**WORK REQUIRED**
Retype the following data exactly, but leave its pictures out.
>>>>>
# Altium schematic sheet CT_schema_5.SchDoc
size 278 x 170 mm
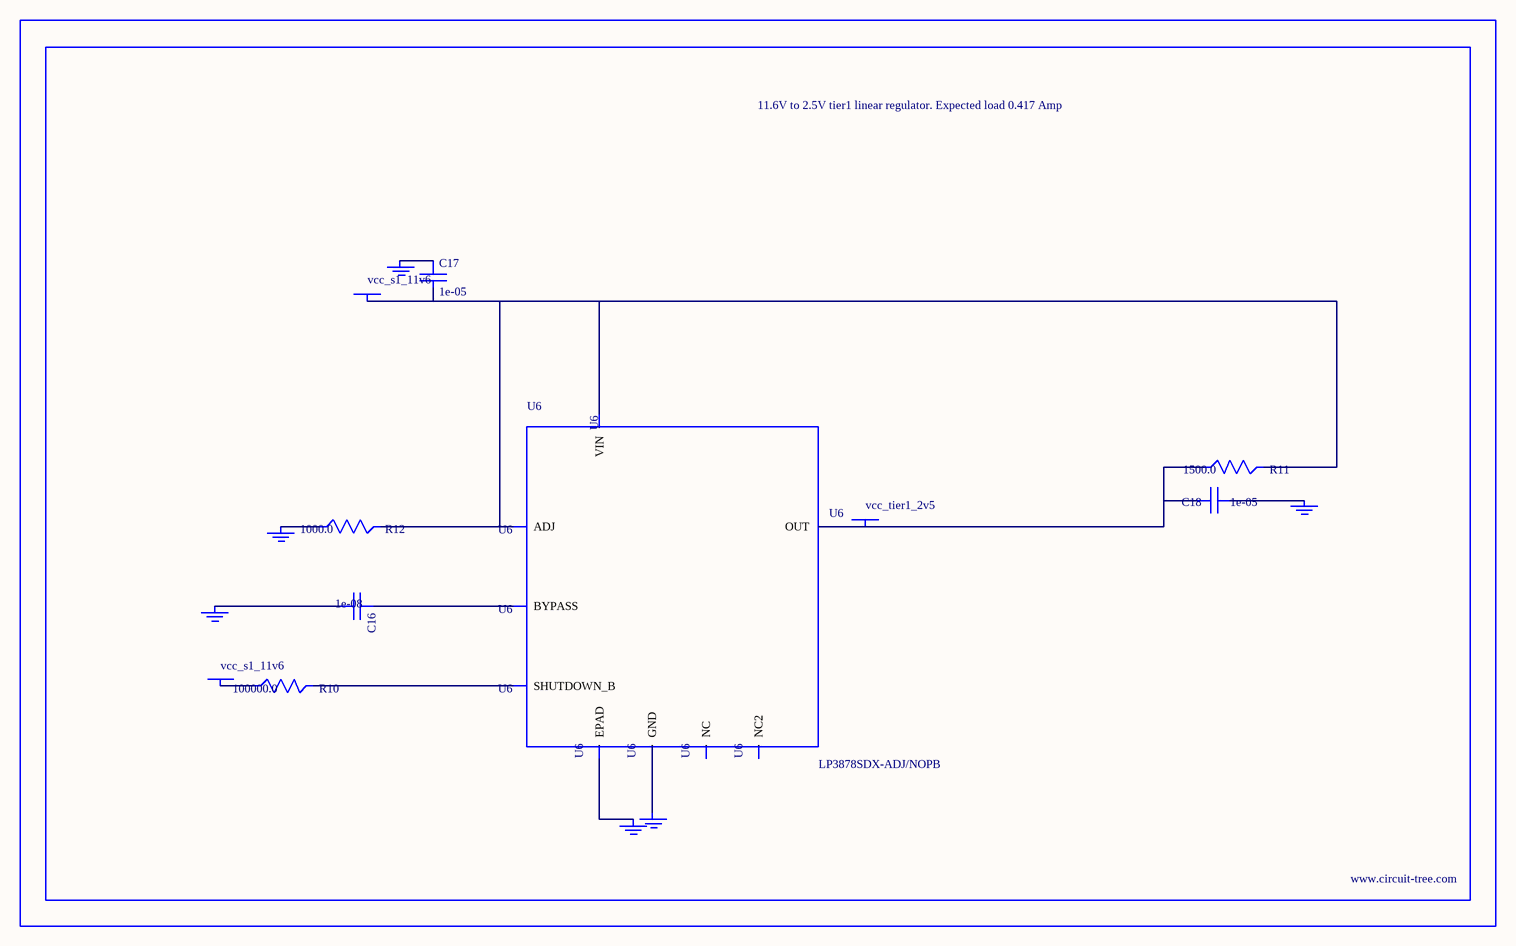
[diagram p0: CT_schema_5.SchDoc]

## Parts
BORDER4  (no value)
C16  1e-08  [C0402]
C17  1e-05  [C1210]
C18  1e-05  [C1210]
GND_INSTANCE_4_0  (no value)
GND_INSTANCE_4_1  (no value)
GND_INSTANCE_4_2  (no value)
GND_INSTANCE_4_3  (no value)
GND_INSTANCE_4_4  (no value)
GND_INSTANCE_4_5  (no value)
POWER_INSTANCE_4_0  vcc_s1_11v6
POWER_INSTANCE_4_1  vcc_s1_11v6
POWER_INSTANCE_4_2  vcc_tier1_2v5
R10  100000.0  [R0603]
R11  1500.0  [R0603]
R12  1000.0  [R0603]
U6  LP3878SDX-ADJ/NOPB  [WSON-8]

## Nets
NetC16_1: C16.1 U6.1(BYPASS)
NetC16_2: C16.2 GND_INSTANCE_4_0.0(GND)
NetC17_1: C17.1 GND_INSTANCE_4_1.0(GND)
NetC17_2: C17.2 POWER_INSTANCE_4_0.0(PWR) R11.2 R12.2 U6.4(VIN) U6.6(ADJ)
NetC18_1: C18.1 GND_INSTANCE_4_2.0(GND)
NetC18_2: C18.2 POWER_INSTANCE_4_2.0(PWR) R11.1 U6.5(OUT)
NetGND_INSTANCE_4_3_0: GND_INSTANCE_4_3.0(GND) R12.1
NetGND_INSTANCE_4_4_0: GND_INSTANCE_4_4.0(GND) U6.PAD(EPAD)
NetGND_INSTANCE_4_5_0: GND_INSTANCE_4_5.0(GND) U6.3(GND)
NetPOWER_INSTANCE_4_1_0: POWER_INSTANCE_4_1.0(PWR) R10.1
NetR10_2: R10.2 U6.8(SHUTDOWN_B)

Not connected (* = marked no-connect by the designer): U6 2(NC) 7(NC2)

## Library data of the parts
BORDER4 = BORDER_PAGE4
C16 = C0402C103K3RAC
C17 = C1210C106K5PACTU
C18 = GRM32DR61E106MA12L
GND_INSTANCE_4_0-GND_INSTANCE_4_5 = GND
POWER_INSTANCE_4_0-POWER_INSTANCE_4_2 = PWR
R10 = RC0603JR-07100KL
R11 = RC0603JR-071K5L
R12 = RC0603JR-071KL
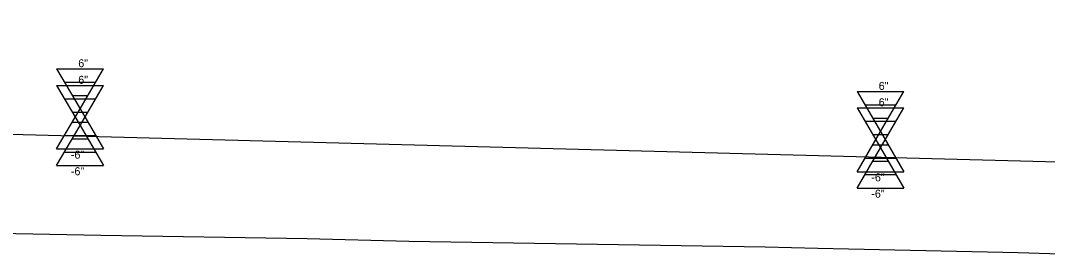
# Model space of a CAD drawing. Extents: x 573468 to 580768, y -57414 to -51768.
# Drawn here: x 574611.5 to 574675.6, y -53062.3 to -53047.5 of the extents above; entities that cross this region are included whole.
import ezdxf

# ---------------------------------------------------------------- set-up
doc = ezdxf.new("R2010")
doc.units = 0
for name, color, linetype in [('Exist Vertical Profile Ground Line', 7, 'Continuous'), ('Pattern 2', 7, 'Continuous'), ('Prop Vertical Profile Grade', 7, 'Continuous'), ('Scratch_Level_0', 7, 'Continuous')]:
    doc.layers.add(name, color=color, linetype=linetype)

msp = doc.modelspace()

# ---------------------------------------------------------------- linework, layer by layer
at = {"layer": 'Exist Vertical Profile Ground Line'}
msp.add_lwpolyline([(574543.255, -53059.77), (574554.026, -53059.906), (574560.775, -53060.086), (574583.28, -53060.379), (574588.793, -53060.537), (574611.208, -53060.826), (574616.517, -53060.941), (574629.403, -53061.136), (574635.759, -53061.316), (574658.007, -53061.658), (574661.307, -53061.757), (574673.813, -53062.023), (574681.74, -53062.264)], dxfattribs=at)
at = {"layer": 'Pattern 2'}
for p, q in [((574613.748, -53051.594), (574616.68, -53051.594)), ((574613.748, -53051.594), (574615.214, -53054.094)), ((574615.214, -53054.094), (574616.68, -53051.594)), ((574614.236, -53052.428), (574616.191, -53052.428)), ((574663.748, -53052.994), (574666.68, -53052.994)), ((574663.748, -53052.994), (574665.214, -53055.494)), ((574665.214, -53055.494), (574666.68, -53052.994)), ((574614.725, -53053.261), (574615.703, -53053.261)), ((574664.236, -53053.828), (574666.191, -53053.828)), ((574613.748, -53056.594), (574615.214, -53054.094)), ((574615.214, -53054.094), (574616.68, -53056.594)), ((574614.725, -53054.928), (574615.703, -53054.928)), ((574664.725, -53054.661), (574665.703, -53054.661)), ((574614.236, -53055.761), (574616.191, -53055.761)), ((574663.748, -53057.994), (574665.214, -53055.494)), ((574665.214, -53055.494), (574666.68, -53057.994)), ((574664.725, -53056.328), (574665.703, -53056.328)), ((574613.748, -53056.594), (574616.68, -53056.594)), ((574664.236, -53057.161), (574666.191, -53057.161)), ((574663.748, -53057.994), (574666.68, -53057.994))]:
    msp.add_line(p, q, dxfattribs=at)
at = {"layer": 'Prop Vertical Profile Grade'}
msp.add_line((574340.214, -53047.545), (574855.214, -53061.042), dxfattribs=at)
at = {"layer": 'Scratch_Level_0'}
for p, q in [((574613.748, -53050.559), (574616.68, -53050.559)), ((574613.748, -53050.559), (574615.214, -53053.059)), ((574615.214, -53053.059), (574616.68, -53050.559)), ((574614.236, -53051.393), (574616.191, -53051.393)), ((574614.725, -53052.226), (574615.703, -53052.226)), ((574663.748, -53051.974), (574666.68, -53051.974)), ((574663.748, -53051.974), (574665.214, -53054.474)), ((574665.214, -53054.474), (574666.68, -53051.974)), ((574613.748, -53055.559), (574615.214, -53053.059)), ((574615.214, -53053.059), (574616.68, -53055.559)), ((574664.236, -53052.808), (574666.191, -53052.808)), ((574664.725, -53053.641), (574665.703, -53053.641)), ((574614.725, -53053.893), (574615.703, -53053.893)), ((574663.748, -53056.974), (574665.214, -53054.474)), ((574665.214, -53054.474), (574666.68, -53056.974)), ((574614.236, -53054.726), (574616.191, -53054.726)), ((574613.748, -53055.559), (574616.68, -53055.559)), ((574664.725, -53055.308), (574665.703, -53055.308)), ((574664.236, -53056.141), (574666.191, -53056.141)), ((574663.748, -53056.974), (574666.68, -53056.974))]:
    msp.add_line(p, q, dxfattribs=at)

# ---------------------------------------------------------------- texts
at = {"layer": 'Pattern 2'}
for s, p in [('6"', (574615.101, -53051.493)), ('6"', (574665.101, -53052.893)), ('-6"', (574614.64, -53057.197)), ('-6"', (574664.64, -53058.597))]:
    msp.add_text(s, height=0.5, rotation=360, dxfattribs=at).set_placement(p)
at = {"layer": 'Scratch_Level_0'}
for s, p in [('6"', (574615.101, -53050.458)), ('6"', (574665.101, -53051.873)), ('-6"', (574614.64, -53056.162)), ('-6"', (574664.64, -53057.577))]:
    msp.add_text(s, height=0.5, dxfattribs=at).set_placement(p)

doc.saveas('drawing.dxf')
<<<<<
**SOLUTION FOR THIS PROBLEM**
# Altium schematic sheet CT_schema_5.SchDoc
size 278 x 170 mm
[diagram p0: CT_schema_5.SchDoc]

## Parts
BORDER4  (no value)
C16  1e-08  [C0402]
C17  1e-05  [C1210]
C18  1e-05  [C1210]
GND_INSTANCE_4_0  (no value)
GND_INSTANCE_4_1  (no value)
GND_INSTANCE_4_2  (no value)
GND_INSTANCE_4_3  (no value)
GND_INSTANCE_4_4  (no value)
GND_INSTANCE_4_5  (no value)
POWER_INSTANCE_4_0  vcc_s1_11v6
POWER_INSTANCE_4_1  vcc_s1_11v6
POWER_INSTANCE_4_2  vcc_tier1_2v5
R10  100000.0  [R0603]
R11  1500.0  [R0603]
R12  1000.0  [R0603]
U6  LP3878SDX-ADJ/NOPB  [WSON-8]

## Nets
NetC16_1: C16.1 U6.1(BYPASS)
NetC16_2: C16.2 GND_INSTANCE_4_0.0(GND)
NetC17_1: C17.1 GND_INSTANCE_4_1.0(GND)
NetC17_2: C17.2 POWER_INSTANCE_4_0.0(PWR) R11.2 R12.2 U6.4(VIN) U6.6(ADJ)
NetC18_1: C18.1 GND_INSTANCE_4_2.0(GND)
NetC18_2: C18.2 POWER_INSTANCE_4_2.0(PWR) R11.1 U6.5(OUT)
NetGND_INSTANCE_4_3_0: GND_INSTANCE_4_3.0(GND) R12.1
NetGND_INSTANCE_4_4_0: GND_INSTANCE_4_4.0(GND) U6.PAD(EPAD)
NetGND_INSTANCE_4_5_0: GND_INSTANCE_4_5.0(GND) U6.3(GND)
NetPOWER_INSTANCE_4_1_0: POWER_INSTANCE_4_1.0(PWR) R10.1
NetR10_2: R10.2 U6.8(SHUTDOWN_B)

Not connected (* = marked no-connect by the designer): U6 2(NC) 7(NC2)

## Library data of the parts
BORDER4 = BORDER_PAGE4
C16 = C0402C103K3RAC
C17 = C1210C106K5PACTU
C18 = GRM32DR61E106MA12L
GND_INSTANCE_4_0-GND_INSTANCE_4_5 = GND
POWER_INSTANCE_4_0-POWER_INSTANCE_4_2 = PWR
R10 = RC0603JR-07100KL
R11 = RC0603JR-071K5L
R12 = RC0603JR-071KL
# Model space of a CAD drawing. Extents: x 573468 to 580768, y -57414 to -51768.
# Drawn here: x 574611.5 to 574675.6, y -53062.3 to -53047.5 of the extents above; entities that cross this region are included whole.
import ezdxf

# ---------------------------------------------------------------- set-up
doc = ezdxf.new("R2010")
doc.units = 0
for name, color, linetype in [('Exist Vertical Profile Ground Line', 7, 'Continuous'), ('Pattern 2', 7, 'Continuous'), ('Prop Vertical Profile Grade', 7, 'Continuous'), ('Scratch_Level_0', 7, 'Continuous')]:
    doc.layers.add(name, color=color, linetype=linetype)

msp = doc.modelspace()

# ---------------------------------------------------------------- linework, layer by layer
at = {"layer": 'Exist Vertical Profile Ground Line'}
msp.add_lwpolyline([(574543.255, -53059.77), (574554.026, -53059.906), (574560.775, -53060.086), (574583.28, -53060.379), (574588.793, -53060.537), (574611.208, -53060.826), (574616.517, -53060.941), (574629.403, -53061.136), (574635.759, -53061.316), (574658.007, -53061.658), (574661.307, -53061.757), (574673.813, -53062.023), (574681.74, -53062.264)], dxfattribs=at)
at = {"layer": 'Pattern 2'}
for p, q in [((574613.748, -53051.594), (574616.68, -53051.594)), ((574613.748, -53051.594), (574615.214, -53054.094)), ((574615.214, -53054.094), (574616.68, -53051.594)), ((574614.236, -53052.428), (574616.191, -53052.428)), ((574663.748, -53052.994), (574666.68, -53052.994)), ((574663.748, -53052.994), (574665.214, -53055.494)), ((574665.214, -53055.494), (574666.68, -53052.994)), ((574614.725, -53053.261), (574615.703, -53053.261)), ((574664.236, -53053.828), (574666.191, -53053.828)), ((574613.748, -53056.594), (574615.214, -53054.094)), ((574615.214, -53054.094), (574616.68, -53056.594)), ((574614.725, -53054.928), (574615.703, -53054.928)), ((574664.725, -53054.661), (574665.703, -53054.661)), ((574614.236, -53055.761), (574616.191, -53055.761)), ((574663.748, -53057.994), (574665.214, -53055.494)), ((574665.214, -53055.494), (574666.68, -53057.994)), ((574664.725, -53056.328), (574665.703, -53056.328)), ((574613.748, -53056.594), (574616.68, -53056.594)), ((574664.236, -53057.161), (574666.191, -53057.161)), ((574663.748, -53057.994), (574666.68, -53057.994))]:
    msp.add_line(p, q, dxfattribs=at)
at = {"layer": 'Prop Vertical Profile Grade'}
msp.add_line((574340.214, -53047.545), (574855.214, -53061.042), dxfattribs=at)
at = {"layer": 'Scratch_Level_0'}
for p, q in [((574613.748, -53050.559), (574616.68, -53050.559)), ((574613.748, -53050.559), (574615.214, -53053.059)), ((574615.214, -53053.059), (574616.68, -53050.559)), ((574614.236, -53051.393), (574616.191, -53051.393)), ((574614.725, -53052.226), (574615.703, -53052.226)), ((574663.748, -53051.974), (574666.68, -53051.974)), ((574663.748, -53051.974), (574665.214, -53054.474)), ((574665.214, -53054.474), (574666.68, -53051.974)), ((574613.748, -53055.559), (574615.214, -53053.059)), ((574615.214, -53053.059), (574616.68, -53055.559)), ((574664.236, -53052.808), (574666.191, -53052.808)), ((574664.725, -53053.641), (574665.703, -53053.641)), ((574614.725, -53053.893), (574615.703, -53053.893)), ((574663.748, -53056.974), (574665.214, -53054.474)), ((574665.214, -53054.474), (574666.68, -53056.974)), ((574614.236, -53054.726), (574616.191, -53054.726)), ((574613.748, -53055.559), (574616.68, -53055.559)), ((574664.725, -53055.308), (574665.703, -53055.308)), ((574664.236, -53056.141), (574666.191, -53056.141)), ((574663.748, -53056.974), (574666.68, -53056.974))]:
    msp.add_line(p, q, dxfattribs=at)

# ---------------------------------------------------------------- texts
at = {"layer": 'Pattern 2'}
for s, p in [('6"', (574615.101, -53051.493)), ('6"', (574665.101, -53052.893)), ('-6"', (574614.64, -53057.197)), ('-6"', (574664.64, -53058.597))]:
    msp.add_text(s, height=0.5, rotation=360, dxfattribs=at).set_placement(p)
at = {"layer": 'Scratch_Level_0'}
for s, p in [('6"', (574615.101, -53050.458)), ('6"', (574665.101, -53051.873)), ('-6"', (574614.64, -53056.162)), ('-6"', (574664.64, -53057.577))]:
    msp.add_text(s, height=0.5, dxfattribs=at).set_placement(p)

doc.saveas('drawing.dxf')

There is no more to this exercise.